PROBLEM DESCRIPTION → Please give the entries below again exactly, omitting every picture.

[EXERCISE MATERIAL Boundary: Start]

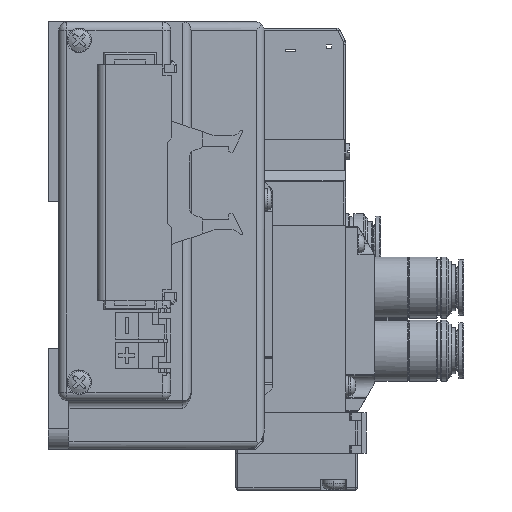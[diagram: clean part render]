
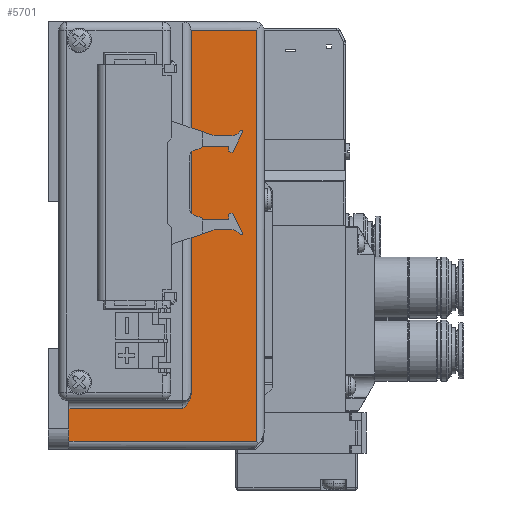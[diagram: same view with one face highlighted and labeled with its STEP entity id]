
A CAD part, left-side view. The second image highlights one B-rep face of the part: STEP entity #5701.
In plain terms, the highlighted planar face has unit normal (-1, 0, 0).
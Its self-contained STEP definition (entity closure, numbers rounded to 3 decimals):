
#5701=ADVANCED_FACE('',(#18474),#18473,.F.);
#18473=PLANE('',#31335);
#18474=FACE_OUTER_BOUND('',#31336,.T.);
#31332=CARTESIAN_POINT('',(19.5,-60.6,70.2));
#31333=DIRECTION('',(1.,0.,0.));
#31334=DIRECTION('',(0.,0.,-1.));
#31335=AXIS2_PLACEMENT_3D('',#31332,#31333,#31334);
#31336=EDGE_LOOP('',(#39678,#39679,#39680,#39681,#39682,#39683,#39684));
#39678=ORIENTED_EDGE('',*,*,#50595,.F.);
#39679=ORIENTED_EDGE('',*,*,#50262,.T.);
#39680=ORIENTED_EDGE('',*,*,#50593,.T.);
#39681=ORIENTED_EDGE('',*,*,#50122,.T.);
#39682=ORIENTED_EDGE('',*,*,#50339,.F.);
#39683=ORIENTED_EDGE('',*,*,#50341,.F.);
#39684=ORIENTED_EDGE('',*,*,#50316,.T.);
#50122=EDGE_CURVE('',#69348,#69349,#69350,.T.);
#50262=EDGE_CURVE('',#70302,#69404,#70315,.T.);
#50316=EDGE_CURVE('',#70672,#70665,#70673,.T.);
#50339=EDGE_CURVE('',#70828,#69349,#70829,.T.);
#50341=EDGE_CURVE('',#70672,#70828,#70841,.T.);
#50593=EDGE_CURVE('',#69404,#69348,#72495,.T.);
#50595=EDGE_CURVE('',#70302,#70665,#72507,.T.);
#69348=VERTEX_POINT('',#88867);
#69349=VERTEX_POINT('',#88868);
#69350=(BOUNDED_CURVE() B_SPLINE_CURVE(3,(#88869,#88870,#88871,#88872,#88873,#88874,#88875,#88876,#88877,#88878),.UNSPECIFIED.,.F.,.F.) B_SPLINE_CURVE_WITH_KNOTS((4,2,2,2,4),(0.,0.001,0.002,0.003,0.004),.UNSPECIFIED.) CURVE() GEOMETRIC_REPRESENTATION_ITEM() RATIONAL_B_SPLINE_CURVE((1.,1.,1.,1.,1.,1.,1.,1.,1.,1.)) REPRESENTATION_ITEM('') );
#69404=VERTEX_POINT('',#88910);
#70302=VERTEX_POINT('',#89434);
#70315=LINE('',#89441,#89442);
#70665=VERTEX_POINT('',#89653);
#70672=VERTEX_POINT('',#89657);
#70673=LINE('',#89658,#89659);
#70828=VERTEX_POINT('',#89757);
#70829=LINE('',#89758,#89759);
#70841=LINE('',#89765,#89766);
#72495=LINE('',#90723,#90724);
#72507=LINE('',#90729,#90730);
#88867=CARTESIAN_POINT('',(19.5,-40.,-29.336));
#88868=CARTESIAN_POINT('',(19.5,-38.,-32.8));
#88869=CARTESIAN_POINT('',(19.5,-40.,-29.336));
#88870=CARTESIAN_POINT('',(19.5,-40.,-29.683));
#88871=CARTESIAN_POINT('',(19.5,-39.934,-30.018));
#88872=CARTESIAN_POINT('',(19.5,-39.703,-30.669));
#88873=CARTESIAN_POINT('',(19.5,-39.543,-30.97));
#88874=CARTESIAN_POINT('',(19.5,-39.164,-31.539));
#88875=CARTESIAN_POINT('',(19.5,-38.945,-31.807));
#88876=CARTESIAN_POINT('',(19.5,-38.485,-32.315));
#88877=CARTESIAN_POINT('',(19.5,-38.241,-32.559));
#88878=CARTESIAN_POINT('',(19.5,-38.,-32.8));
#88910=CARTESIAN_POINT('',(19.5,-40.,60.2));
#89434=CARTESIAN_POINT('',(19.5,-56.,60.2));
#89441=CARTESIAN_POINT('',(19.5,-56.,60.2));
#89442=VECTOR('',#89443,16.);
#89443=DIRECTION('',(0.,1.,0.));
#89653=CARTESIAN_POINT('',(19.5,-56.,-40.8));
#89657=CARTESIAN_POINT('',(19.5,-10.,-40.8));
#89658=CARTESIAN_POINT('',(19.5,-10.,-40.8));
#89659=VECTOR('',#89660,46.);
#89660=DIRECTION('',(0.,-1.,0.));
#89757=CARTESIAN_POINT('',(19.5,-10.,-32.8));
#89758=CARTESIAN_POINT('',(19.5,-10.,-32.8));
#89759=VECTOR('',#89760,28.);
#89760=DIRECTION('',(0.,-1.,0.));
#89765=CARTESIAN_POINT('',(19.5,-10.,-40.8));
#89766=VECTOR('',#89767,8.);
#89767=DIRECTION('',(0.,0.,1.));
#90723=CARTESIAN_POINT('',(19.5,-40.,60.2));
#90724=VECTOR('',#90725,89.536);
#90725=DIRECTION('',(0.,0.,-1.));
#90729=CARTESIAN_POINT('',(19.5,-56.,60.2));
#90730=VECTOR('',#90731,101.);
#90731=DIRECTION('',(0.,0.,-1.));

[EXERCISE MATERIAL Boundary: End]

SOLVED EXERCISE →
[diagram: clean part render]
[diagram: same view with one face highlighted and labeled with its STEP entity id]
A CAD part, left-side view. The second image highlights one B-rep face of the part: STEP entity #5701.
In plain terms, the highlighted planar face has unit normal (-1, 0, 0).
Its self-contained STEP definition (entity closure, numbers rounded to 3 decimals):
#5701=ADVANCED_FACE('',(#18474),#18473,.F.);
#18473=PLANE('',#31335);
#18474=FACE_OUTER_BOUND('',#31336,.T.);
#31332=CARTESIAN_POINT('',(19.5,-60.6,70.2));
#31333=DIRECTION('',(1.,0.,0.));
#31334=DIRECTION('',(0.,0.,-1.));
#31335=AXIS2_PLACEMENT_3D('',#31332,#31333,#31334);
#31336=EDGE_LOOP('',(#39678,#39679,#39680,#39681,#39682,#39683,#39684));
#39678=ORIENTED_EDGE('',*,*,#50595,.F.);
#39679=ORIENTED_EDGE('',*,*,#50262,.T.);
#39680=ORIENTED_EDGE('',*,*,#50593,.T.);
#39681=ORIENTED_EDGE('',*,*,#50122,.T.);
#39682=ORIENTED_EDGE('',*,*,#50339,.F.);
#39683=ORIENTED_EDGE('',*,*,#50341,.F.);
#39684=ORIENTED_EDGE('',*,*,#50316,.T.);
#50122=EDGE_CURVE('',#69348,#69349,#69350,.T.);
#50262=EDGE_CURVE('',#70302,#69404,#70315,.T.);
#50316=EDGE_CURVE('',#70672,#70665,#70673,.T.);
#50339=EDGE_CURVE('',#70828,#69349,#70829,.T.);
#50341=EDGE_CURVE('',#70672,#70828,#70841,.T.);
#50593=EDGE_CURVE('',#69404,#69348,#72495,.T.);
#50595=EDGE_CURVE('',#70302,#70665,#72507,.T.);
#69348=VERTEX_POINT('',#88867);
#69349=VERTEX_POINT('',#88868);
#69350=(BOUNDED_CURVE() B_SPLINE_CURVE(3,(#88869,#88870,#88871,#88872,#88873,#88874,#88875,#88876,#88877,#88878),.UNSPECIFIED.,.F.,.F.) B_SPLINE_CURVE_WITH_KNOTS((4,2,2,2,4),(0.,0.001,0.002,0.003,0.004),.UNSPECIFIED.) CURVE() GEOMETRIC_REPRESENTATION_ITEM() RATIONAL_B_SPLINE_CURVE((1.,1.,1.,1.,1.,1.,1.,1.,1.,1.)) REPRESENTATION_ITEM('') );
#69404=VERTEX_POINT('',#88910);
#70302=VERTEX_POINT('',#89434);
#70315=LINE('',#89441,#89442);
#70665=VERTEX_POINT('',#89653);
#70672=VERTEX_POINT('',#89657);
#70673=LINE('',#89658,#89659);
#70828=VERTEX_POINT('',#89757);
#70829=LINE('',#89758,#89759);
#70841=LINE('',#89765,#89766);
#72495=LINE('',#90723,#90724);
#72507=LINE('',#90729,#90730);
#88867=CARTESIAN_POINT('',(19.5,-40.,-29.336));
#88868=CARTESIAN_POINT('',(19.5,-38.,-32.8));
#88869=CARTESIAN_POINT('',(19.5,-40.,-29.336));
#88870=CARTESIAN_POINT('',(19.5,-40.,-29.683));
#88871=CARTESIAN_POINT('',(19.5,-39.934,-30.018));
#88872=CARTESIAN_POINT('',(19.5,-39.703,-30.669));
#88873=CARTESIAN_POINT('',(19.5,-39.543,-30.97));
#88874=CARTESIAN_POINT('',(19.5,-39.164,-31.539));
#88875=CARTESIAN_POINT('',(19.5,-38.945,-31.807));
#88876=CARTESIAN_POINT('',(19.5,-38.485,-32.315));
#88877=CARTESIAN_POINT('',(19.5,-38.241,-32.559));
#88878=CARTESIAN_POINT('',(19.5,-38.,-32.8));
#88910=CARTESIAN_POINT('',(19.5,-40.,60.2));
#89434=CARTESIAN_POINT('',(19.5,-56.,60.2));
#89441=CARTESIAN_POINT('',(19.5,-56.,60.2));
#89442=VECTOR('',#89443,16.);
#89443=DIRECTION('',(0.,1.,0.));
#89653=CARTESIAN_POINT('',(19.5,-56.,-40.8));
#89657=CARTESIAN_POINT('',(19.5,-10.,-40.8));
#89658=CARTESIAN_POINT('',(19.5,-10.,-40.8));
#89659=VECTOR('',#89660,46.);
#89660=DIRECTION('',(0.,-1.,0.));
#89757=CARTESIAN_POINT('',(19.5,-10.,-32.8));
#89758=CARTESIAN_POINT('',(19.5,-10.,-32.8));
#89759=VECTOR('',#89760,28.);
#89760=DIRECTION('',(0.,-1.,0.));
#89765=CARTESIAN_POINT('',(19.5,-10.,-40.8));
#89766=VECTOR('',#89767,8.);
#89767=DIRECTION('',(0.,0.,1.));
#90723=CARTESIAN_POINT('',(19.5,-40.,60.2));
#90724=VECTOR('',#90725,89.536);
#90725=DIRECTION('',(0.,0.,-1.));
#90729=CARTESIAN_POINT('',(19.5,-56.,60.2));
#90730=VECTOR('',#90731,101.);
#90731=DIRECTION('',(0.,0.,-1.));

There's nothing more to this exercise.